おぉ、なんだがとってもジャストフィット。
まるでイヤホンの方から耳にしがみ付いてくるような感じだ。
装着感に感心していると、突然、凛とした涼やかな声を感じた。
『……言葉』『理解』『?』
おどろいて女騎士さんをみると、自分がつけたイヤホンを触りながら僕を見ている。
単語の羅列だけど確かに日本語だった。
でも、声を耳で聞いた感覚とは違う、言葉の意味を脳に直接投げ込まれたような奇妙な感覚だ。
これが『こいつ直接脳内にっ……!』というやつか。
口を動かしている様子はなかった。
試しに、彼女を真似てイヤホンを触り、頭の中で喋るようにはっきりと思考してみる。
はい、そちらの言葉がわかります。
『……肯定』『言語』『理解可能』
おぉ、やはり片言だけど、自分が伝えた言葉もフィードバックしてくれるみたいだ。しゅごい。
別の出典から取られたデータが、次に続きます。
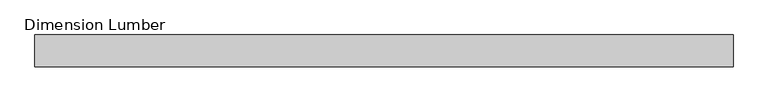
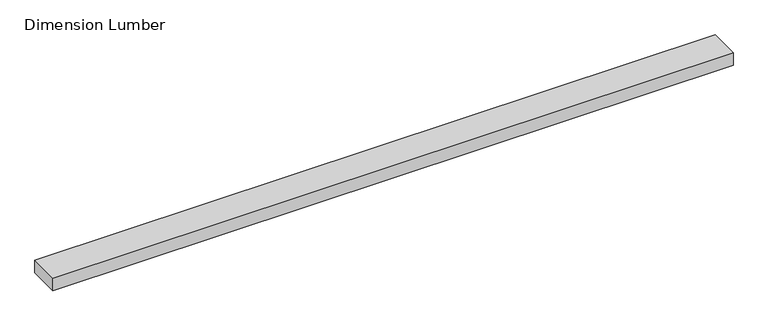
"""IFC4 building model written with IfcOpenShell, lengths in millimetres: beam geometry, Dimension Lumber : Top Supporting Lumbers."""

import ifcopenshell
import ifcopenshell.guid

model = None  # the IFC model being written
_history = None  # IfcOwnerHistory: only IFC2X3 demands one
_inside = {}  # id of a spatial element -> (the spatial element, [elements in it])
_under = {}  # id of a project, library or spatial element -> (it, [spatial elements below it])
_declared = {}  # id of a project -> (the project, [libraries it declares])
_typed = {}  # id of a type object -> (the type object, [elements of that type])
_made_of = {}  # id of a material, layer set ... -> (it, [elements and type objects made of it])


def new_model(schema):
    """Start an empty IFC model of exactly this schema.

    Asked for "IFC4X3", IfcOpenShell would pick the latest addendum, in which some entities
    have other attributes; the version numbers below select the first issue.
    IFC2X3 requires an IfcOwnerHistory on every rooted entity: one is made here for all.
    """
    global model, _history
    if schema == "IFC4X3":
        model = ifcopenshell.file(schema_version=(4, 3, 0, 0))
    else:
        model = ifcopenshell.file(schema=schema)
    _inside.clear()
    _under.clear()
    _declared.clear()
    _typed.clear()
    _made_of.clear()
    _history = None
    if model.schema == "IFC2X3":
        org = make("IfcOrganization", Name="unknown")
        user = make(
            "IfcPersonAndOrganization",
            ThePerson=make("IfcPerson", FamilyName="unknown"),
            TheOrganization=org,
        )
        app = make(
            "IfcApplication",
            ApplicationDeveloper=org,
            Version="unknown",
            ApplicationFullName="unknown",
            ApplicationIdentifier="unknown",
        )
        _history = make(
            "IfcOwnerHistory",
            OwningUser=user,
            OwningApplication=app,
            ChangeAction="ADDED",
            CreationDate=0,
        )
    return model


def make(cls, **values):
    """One entity of the class cls with the attributes given. An attribute that is None is left unset."""
    return model.create_entity(
        cls, **{name: value for name, value in values.items() if value is not None}
    )


def rooted(cls, **values):
    """An entity with a GlobalId (a new one), such as an element, a storey or a relation."""
    return make(cls, GlobalId=ifcopenshell.guid.new(), OwnerHistory=_history, **values)


def si_unit(unit_type, name, prefix=None):
    """IfcSIUnit, for example si_unit("LENGTHUNIT", "METRE", prefix="MILLI")."""
    return make("IfcSIUnit", UnitType=unit_type, Prefix=prefix, Name=name)


def assignment(units):
    """IfcUnitAssignment: the units of a project."""
    return None if units is None else make("IfcUnitAssignment", Units=units)


def point(xyz):
    """IfcCartesianPoint."""
    return None if xyz is None else make("IfcCartesianPoint", Coordinates=xyz)


def direction(xyz):
    """IfcDirection."""
    return None if xyz is None else make("IfcDirection", DirectionRatios=xyz)


def frame(location, z_axis=None, x_axis=None):
    """IfcAxis2Placement3D, a coordinate frame: its origin and axes. An axis left out is left unset."""
    return make(
        "IfcAxis2Placement3D",
        Location=point(location),
        Axis=direction(z_axis),
        RefDirection=direction(x_axis),
    )


def origin():
    """The frame at (0, 0, 0) with its axes left unset."""
    return frame((0.0, 0.0, 0.0))


def place(relative_to, where):
    """IfcLocalPlacement: puts the frame where relative to a parent placement (None: the world)."""
    return make(
        "IfcLocalPlacement", PlacementRelTo=relative_to, RelativePlacement=where
    )


def context(
    kind, dimensions, precision=None, world=None, true_north=None, identifier=None
):
    """IfcGeometricRepresentationContext, for example the 3D "Model" context."""
    return make(
        "IfcGeometricRepresentationContext",
        ContextIdentifier=identifier,
        ContextType=kind,
        CoordinateSpaceDimension=dimensions,
        Precision=precision,
        WorldCoordinateSystem=world,
        TrueNorth=true_north,
    )


def project(units=None, contexts=None):
    """IfcProject with its units and contexts."""
    return rooted(
        "IfcProject",
        Name="project",
        RepresentationContexts=contexts,
        UnitsInContext=assignment(units),
    )


def spatial(cls, under=None, at=None, **own):
    """A site, building, storey or space (cls), placed at a placement, below another one or the project."""
    s = rooted(cls, ObjectPlacement=at, **own)
    if under is not None:
        _under.setdefault(under.id(), (under, []))[1].append(s)
    return s


def polyline(points):
    """IfcPolyline through the points."""
    return make("IfcPolyline", Points=[point(p) for p in points])


def outline(outer, holes=None, kind="AREA"):
    """IfcArbitraryClosedProfileDef: a profile drawn as a closed curve; with holes, ...WithVoids."""
    if holes is None:
        return make("IfcArbitraryClosedProfileDef", ProfileType=kind, OuterCurve=outer)
    return make(
        "IfcArbitraryProfileDefWithVoids",
        ProfileType=kind,
        OuterCurve=outer,
        InnerCurves=holes,
    )


def extrude(swept, where, along, depth):
    """IfcExtrudedAreaSolid: the profile swept, set in the frame where, extruded along a direction by depth."""
    return make(
        "IfcExtrudedAreaSolid",
        SweptArea=swept,
        Position=where,
        ExtrudedDirection=direction(along),
        Depth=depth,
    )


def shape(context_of_items, identifier, shape_type, items):
    """IfcShapeRepresentation: the items that make up one representation, for example the "Body"."""
    return make(
        "IfcShapeRepresentation",
        ContextOfItems=context_of_items,
        RepresentationIdentifier=identifier,
        RepresentationType=shape_type,
        Items=items,
    )


def source(mapping_origin, context_of_items, identifier, shape_type, items):
    """IfcRepresentationMap: a shape defined once, which mapped items show again and again."""
    return make(
        "IfcRepresentationMap",
        MappingOrigin=mapping_origin,
        MappedRepresentation=shape(context_of_items, identifier, shape_type, items),
    )


def transform(
    local_origin,
    x_axis=None,
    y_axis=None,
    z_axis=None,
    scale=None,
    scale2=None,
    scale3=None,
    uniform=True,
):
    """IfcCartesianTransformationOperator3D, or its non-uniform kind. x_axis, y_axis, z_axis: its Axis1, 2, 3."""
    if uniform:
        return make(
            "IfcCartesianTransformationOperator3D",
            Axis1=direction(x_axis),
            Axis2=direction(y_axis),
            LocalOrigin=point(local_origin),
            Scale=scale,
            Axis3=direction(z_axis),
        )
    return make(
        "IfcCartesianTransformationOperator3DnonUniform",
        Axis1=direction(x_axis),
        Axis2=direction(y_axis),
        LocalOrigin=point(local_origin),
        Scale=scale,
        Axis3=direction(z_axis),
        Scale2=scale2,
        Scale3=scale3,
    )


def mapped(mapping_source, mapping_target):
    """IfcMappedItem: shows the shape of a source again, moved by a transform."""
    return make(
        "IfcMappedItem", MappingSource=mapping_source, MappingTarget=mapping_target
    )


def made_of(thing, what):
    """Note that an element or type object is made of a material, layer set ...; save() writes the relation."""
    if what is not None:
        _made_of.setdefault(what.id(), (what, []))[1].append(thing)
    return thing


def element(
    cls,
    number,
    at=None,
    inside=None,
    cuts=None,
    type_object=None,
    material=None,
    context=None,
    identifier="Body",
    shape_type=None,
    held_by="IfcProductDefinitionShape",
    body=None,
    shapes=None,
    **own,
):
    """One element of the class cls, such as IfcWall. Its Tag is "e" and its number.

    at: its placement. inside: the storey or other place that contains it. cuts: it is an
    opening in that element (IfcRelVoidsElement). A single representation is given by context,
    identifier, shape_type and body (its items); several are given by shapes. held_by: the class
    of the entity that holds the representations. save() writes the other relations.
    """
    e = rooted(cls, Tag="e%d" % number, ObjectPlacement=at, **own)
    if body is not None:
        shapes = [shape(context, identifier, shape_type, body)]
    if shapes is not None:
        e.Representation = make(held_by, Representations=shapes)
    if inside is not None:
        _inside.setdefault(inside.id(), (inside, []))[1].append(e)
    if cuts is not None:
        rooted(
            "IfcRelVoidsElement", RelatingBuildingElement=cuts, RelatedOpeningElement=e
        )
    if type_object is not None:
        _typed.setdefault(type_object.id(), (type_object, []))[1].append(e)
    return made_of(e, material)


def aggregate(whole, parts):
    """IfcRelAggregates: a whole, such as a stair, and the parts it consists of."""
    return rooted("IfcRelAggregates", RelatingObject=whole, RelatedObjects=parts)


def save(model, path):
    """Write the relations noted so far, then the file.

    IfcRelAggregates (storeys below a building ...), IfcRelContainedInSpatialStructure (elements
    in a storey), IfcRelDefinesByType, IfcRelAssociatesMaterial and IfcRelDeclares: one each for
    every whole, place, type object, material and project.
    """
    for whole, parts in _under.values():
        aggregate(whole, parts)
    for where, things in _inside.values():
        rooted(
            "IfcRelContainedInSpatialStructure",
            RelatedElements=things,
            RelatingStructure=where,
        )
    for kind, things in _typed.values():
        rooted("IfcRelDefinesByType", RelatedObjects=things, RelatingType=kind)
    for what, things in _made_of.values():
        rooted("IfcRelAssociatesMaterial", RelatedObjects=things, RelatingMaterial=what)
    for by, libraries in _declared.values():
        rooted("IfcRelDeclares", RelatingContext=by, RelatedDefinitions=libraries)
    model.write(path)


def dimension_lumber_f00769ea(model_context):
    return source(origin(), model_context, "Body", "SweptSolid", [
        extrude(outline(polyline([(927.1, 44.45), (927.1, -44.45), (-1016.0, -44.45), (-1016.0, 44.45), (927.1, 44.45)])), frame((0.0, 0.0, -19.05), z_axis=(0.0, 0.0, 1.0), x_axis=(1.0, 0.0, 0.0)), (0.0, 0.0, 1.0), 38.1),
    ])


if __name__ == "__main__":
    model = new_model("IFC4")
    model_context = context("Model", 3, world=origin())
    ifc_project = project(units=[si_unit("LENGTHUNIT", "METRE", prefix="MILLI")], contexts=[model_context])
    site = spatial("IfcSite", under=ifc_project)
    building = spatial("IfcBuilding", under=site)
    placement = place(None, origin())
    dimension_lumber_shape = dimension_lumber_f00769ea(model_context)
    element("IfcBeam", 1, ObjectType="Dimension Lumber : Top Supporting Lumbers", at=placement, inside=building, context=model_context, shape_type="MappedRepresentation", body=[
        mapped(dimension_lumber_shape, transform((0.0, 0.0, 0.0), x_axis=(1.0, 0.0, 0.0), y_axis=(0.0, 1.0, 0.0), z_axis=(0.0, 0.0, 1.0))),
    ])
    save(model, "model.ifc")

# Revit data of these elements
# Type "Dimension Lumber : Top Supporting Lumbers"
#   Assembly Code = "B10"
#   A = 0.0364583 SF
#   Length [instance default] = 5' - 0"
#   b = 0' - 3 1/2"
#   d = 0' - 1 1/2"
#   Structural Material [instance default] = Softwood, Lumber
# Element 1 (IfcBeam, "Dimension Lumber : Top Supporting Lumbers")
#   Structural Material = Douglas Fir #2
#   Materials on its faces: "Douglas Fir #2"
# Materials
#   "Softwood, Lumber": class "Wood", colour RGB 223 192 134, transparency 0, Description = "Pinus Echinata", Cost = 0
#   "Douglas Fir #2": class "Wood", colour RGB 223 192 134, transparency 0, Description = "Pinus Echinata", Cost = 0

彼女がニヤリと不敵な笑みを浮かべた後、また頭の中に彼女の声を感じた。
『安堵』『歓迎』『……異邦人』
***
ピーーー。
【……コード12404検出】
【ID検索……失敗、ID失効】
【検出地域捜査中……特定、現地表記イクスパテット王国、ヴァロンソル領】
【言語解析中……推定解析率3%】
【上位機能単位への報告の是非……判断保留、言語解析と経過観察を継続……】
1章 はじまりのダンジョン 完
2章 開拓村ベラーキ へ続く
1章完了です。ここまでお読み頂きありがとうございました。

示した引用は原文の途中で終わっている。